### SUPPLIED MATERIAL
--------------------------------------------------
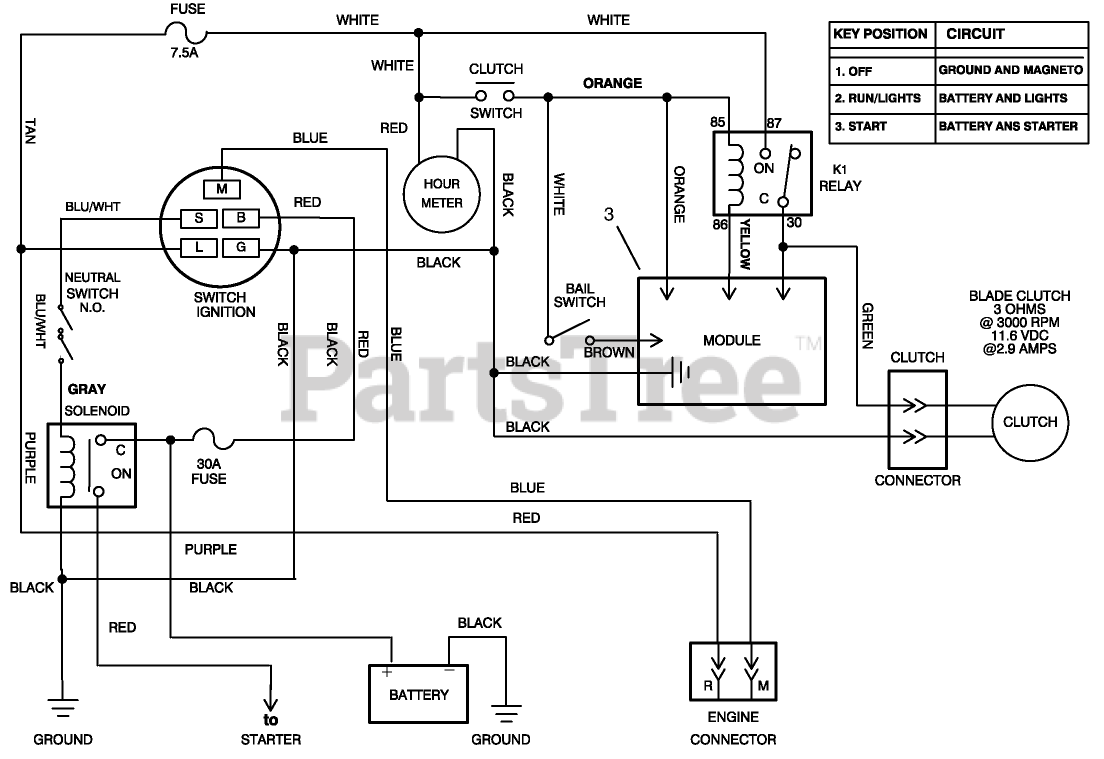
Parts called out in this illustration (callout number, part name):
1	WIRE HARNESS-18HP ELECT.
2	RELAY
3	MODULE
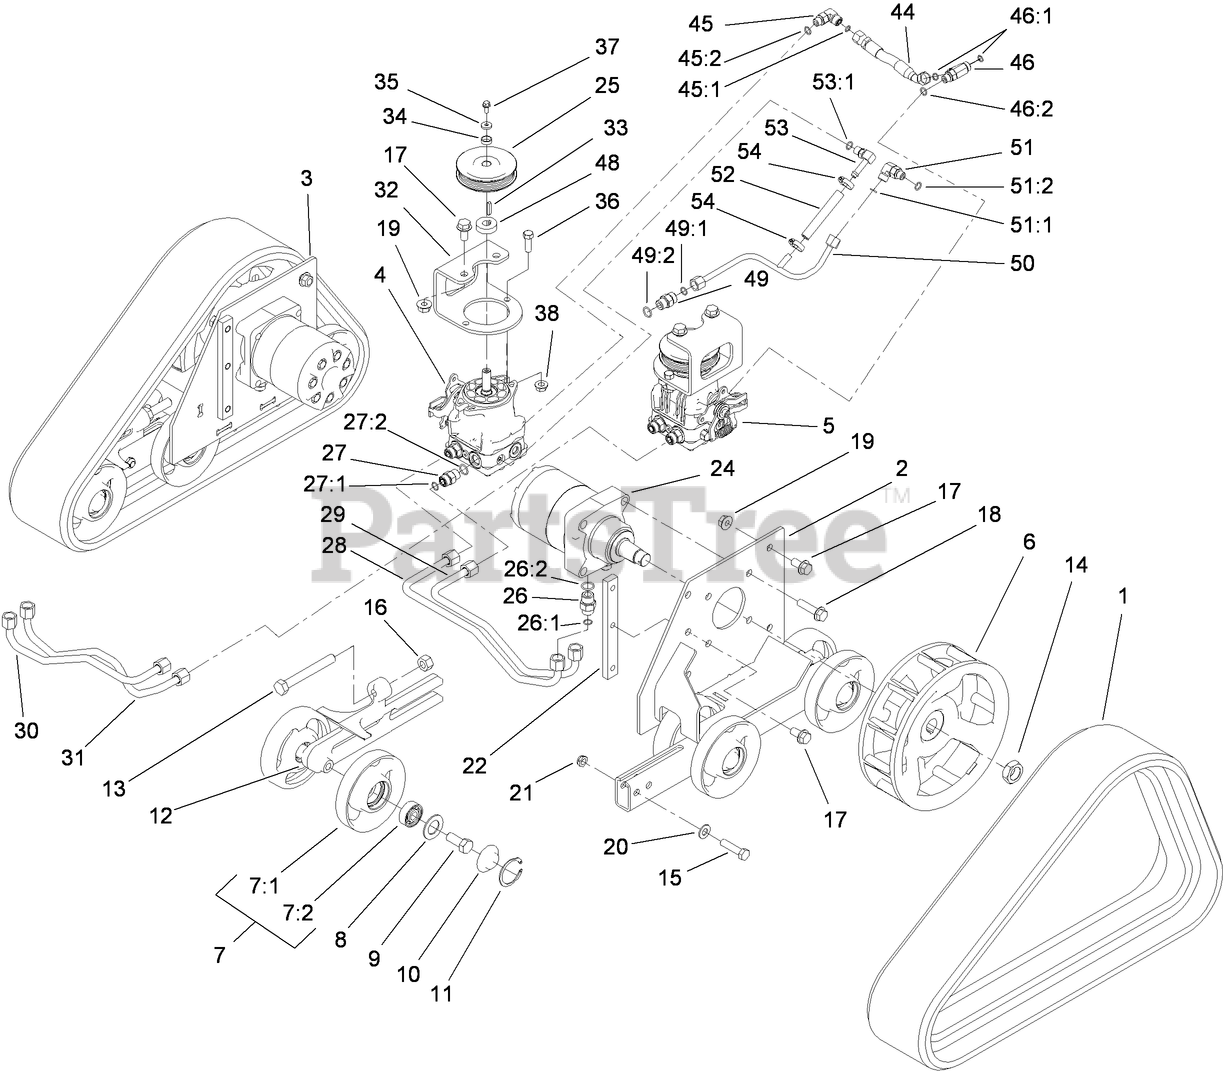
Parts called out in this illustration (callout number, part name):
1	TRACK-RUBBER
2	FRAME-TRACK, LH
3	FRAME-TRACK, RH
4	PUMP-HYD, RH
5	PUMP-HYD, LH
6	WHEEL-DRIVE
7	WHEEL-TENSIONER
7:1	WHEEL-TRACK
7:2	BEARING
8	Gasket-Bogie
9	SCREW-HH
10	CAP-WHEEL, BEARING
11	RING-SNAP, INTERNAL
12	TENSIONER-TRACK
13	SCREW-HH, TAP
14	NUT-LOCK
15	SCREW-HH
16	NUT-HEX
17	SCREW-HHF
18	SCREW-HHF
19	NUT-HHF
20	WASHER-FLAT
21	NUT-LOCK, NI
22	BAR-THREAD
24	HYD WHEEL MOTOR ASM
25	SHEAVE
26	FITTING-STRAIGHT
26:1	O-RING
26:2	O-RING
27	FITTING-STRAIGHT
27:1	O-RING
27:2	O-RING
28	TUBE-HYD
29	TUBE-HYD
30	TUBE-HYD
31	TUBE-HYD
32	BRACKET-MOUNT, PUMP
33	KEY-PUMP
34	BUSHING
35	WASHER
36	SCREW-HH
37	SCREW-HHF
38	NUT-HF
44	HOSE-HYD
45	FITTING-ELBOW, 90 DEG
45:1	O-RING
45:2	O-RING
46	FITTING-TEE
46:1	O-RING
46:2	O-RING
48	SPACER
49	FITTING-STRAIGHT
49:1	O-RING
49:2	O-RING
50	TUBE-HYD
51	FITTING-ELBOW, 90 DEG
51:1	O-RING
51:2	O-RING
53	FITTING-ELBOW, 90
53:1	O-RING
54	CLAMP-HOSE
--------------------------------------------------
Nothing but the pictures should be left out when the records are retyped exactly.

### SOLUTION FOR THIS TASK
Parts called out in this illustration (callout number, part name):
1	WIRE HARNESS-18HP ELECT.
2	RELAY
3	MODULE
Parts called out in this illustration (callout number, part name):
1	TRACK-RUBBER
2	FRAME-TRACK, LH
3	FRAME-TRACK, RH
4	PUMP-HYD, RH
5	PUMP-HYD, LH
6	WHEEL-DRIVE
7	WHEEL-TENSIONER
7:1	WHEEL-TRACK
7:2	BEARING
8	Gasket-Bogie
9	SCREW-HH
10	CAP-WHEEL, BEARING
11	RING-SNAP, INTERNAL
12	TENSIONER-TRACK
13	SCREW-HH, TAP
14	NUT-LOCK
15	SCREW-HH
16	NUT-HEX
17	SCREW-HHF
18	SCREW-HHF
19	NUT-HHF
20	WASHER-FLAT
21	NUT-LOCK, NI
22	BAR-THREAD
24	HYD WHEEL MOTOR ASM
25	SHEAVE
26	FITTING-STRAIGHT
26:1	O-RING
26:2	O-RING
27	FITTING-STRAIGHT
27:1	O-RING
27:2	O-RING
28	TUBE-HYD
29	TUBE-HYD
30	TUBE-HYD
31	TUBE-HYD
32	BRACKET-MOUNT, PUMP
33	KEY-PUMP
34	BUSHING
35	WASHER
36	SCREW-HH
37	SCREW-HHF
38	NUT-HF
44	HOSE-HYD
45	FITTING-ELBOW, 90 DEG
45:1	O-RING
45:2	O-RING
46	FITTING-TEE
46:1	O-RING
46:2	O-RING
48	SPACER
49	FITTING-STRAIGHT
49:1	O-RING
49:2	O-RING
50	TUBE-HYD
51	FITTING-ELBOW, 90 DEG
51:1	O-RING
51:2	O-RING
53	FITTING-ELBOW, 90
53:1	O-RING
54	CLAMP-HOSE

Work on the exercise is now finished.